To do: Match the string "count" against each line below, and copy every line that matches.

Data items
== Segment start ==
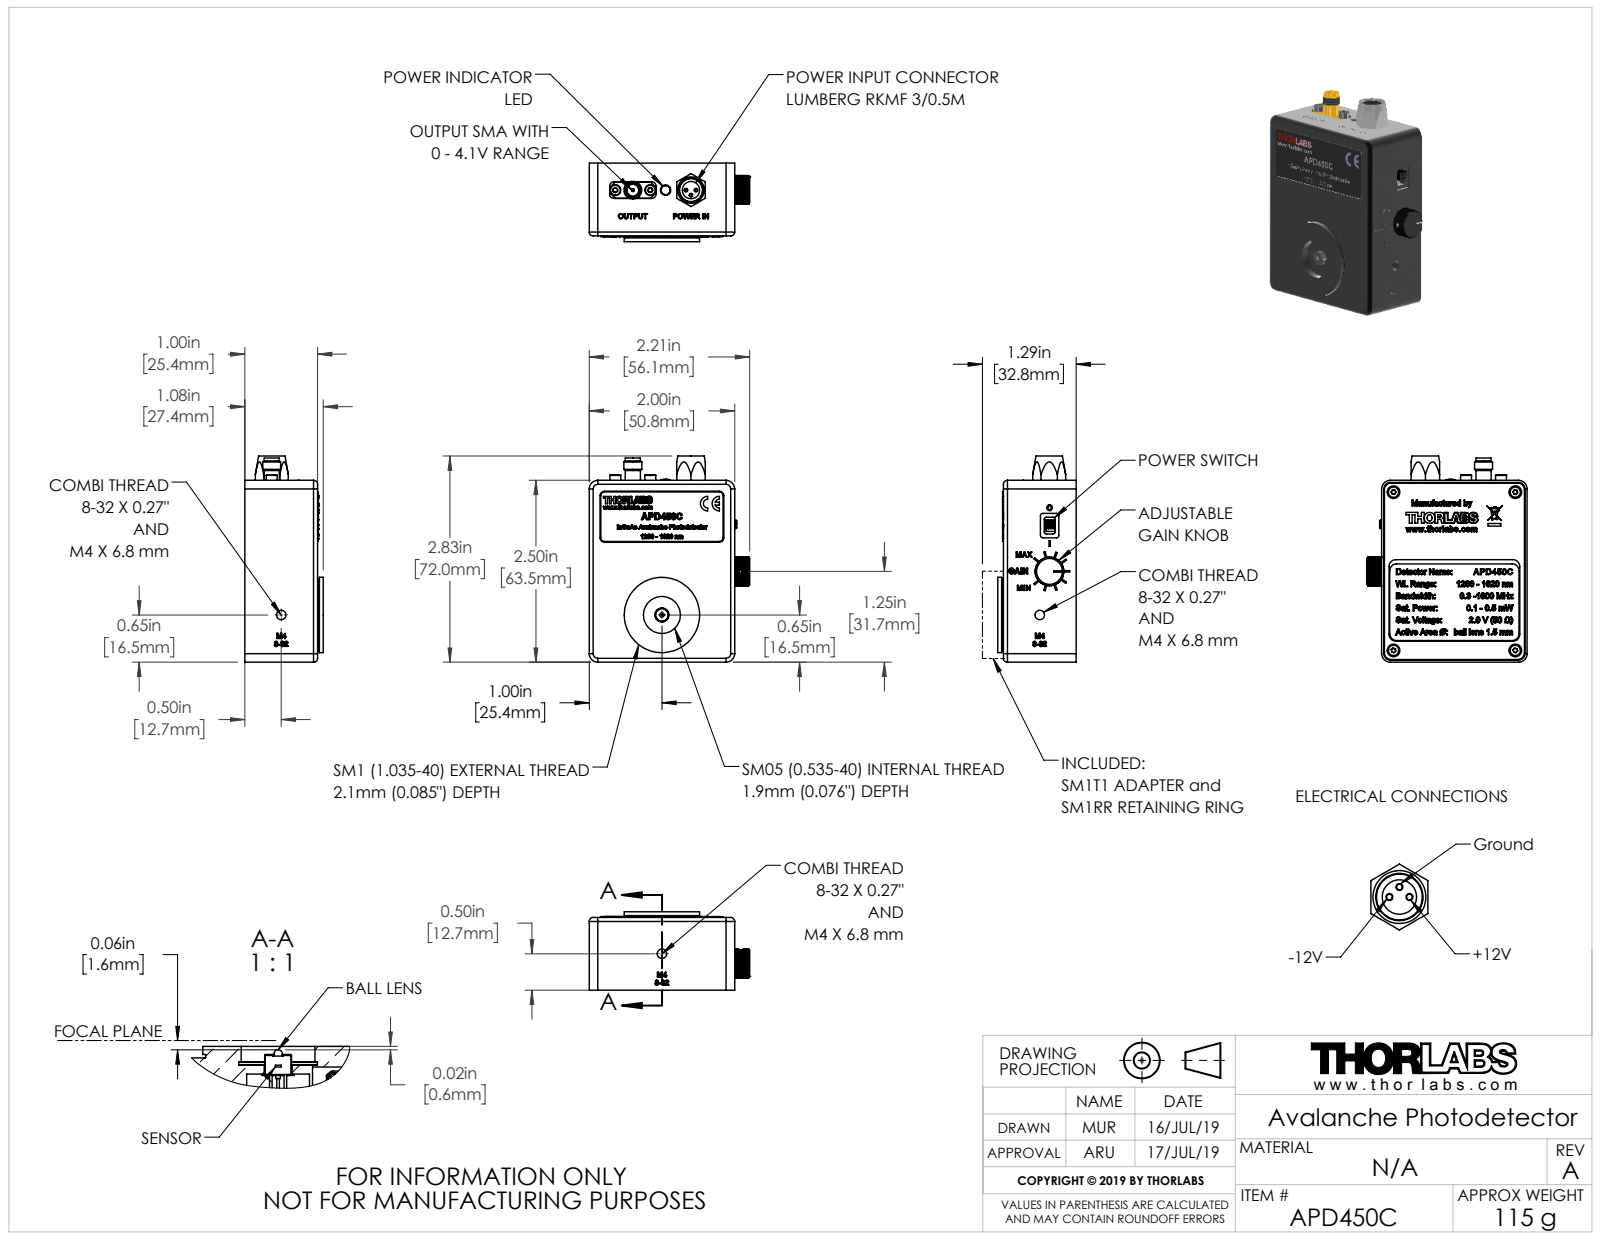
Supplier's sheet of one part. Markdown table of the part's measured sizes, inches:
| quantity | value |
| --- | --- |
| part name | 19.07.02_APD450-Series_Web_Drawing |
| STEP written by | SolidWorks 2018 (CONFIG_CONTROL_DESIGN) |
| units | inches |
| bodies | 0 solids, 5673 faces (3111 planar, 570 cylindrical, 1992 other) |
| overall size | 2.835 × 2.208 × 1.079 |
| round holes (diameter × count) | 0.063 × 12, 0.032 × 6, 0.039 × 5, 0.094 × 4, 0.047 × 3, 0.091 × 2, 0.102 × 2, 0.13 × 2, 0.165 × 2, 0.295 × 2, 0.015 × 1, 0.031 × 1 |
| round bosses / shafts (diameter × count) | 0.079 × 7, 0.062 × 4, 0.15 × 2, 0.065 × 2, 0.063 × 2, 0.051 × 2, 0.018 × 2, 1.035 × 1 |
| partial cylindrical surfaces (radius × count) | 0.012 × 53, 0.006 × 24, 0.016 × 24, 0.098 × 22, 0.039 × 14, 0.031 × 10, 0.13 × 10, 0.059 × 8 |
| main face-to-face distances | 0.062, 0.937, 0.999, 0.063, 0.098, 0.936, 0.874, 1.902, 2, 2.5 |
| hole center spacings | 0.1, 0.969, 0.648, 2.579, 0.069, 0.174, 0.2, 0.64 |
== Segment end ==
Solution:
| round holes (diameter × count) | 0.063 × 12, 0.032 × 6, 0.039 × 5, 0.094 × 4, 0.047 × 3, 0.091 × 2, 0.102 × 2, 0.13 × 2, 0.165 × 2, 0.295 × 2, 0.015 × 1, 0.031 × 1 |
| round bosses / shafts (diameter × count) | 0.079 × 7, 0.062 × 4, 0.15 × 2, 0.065 × 2, 0.063 × 2, 0.051 × 2, 0.018 × 2, 1.035 × 1 |
| partial cylindrical surfaces (radius × count) | 0.012 × 53, 0.006 × 24, 0.016 × 24, 0.098 × 22, 0.039 × 14, 0.031 × 10, 0.13 × 10, 0.059 × 8 |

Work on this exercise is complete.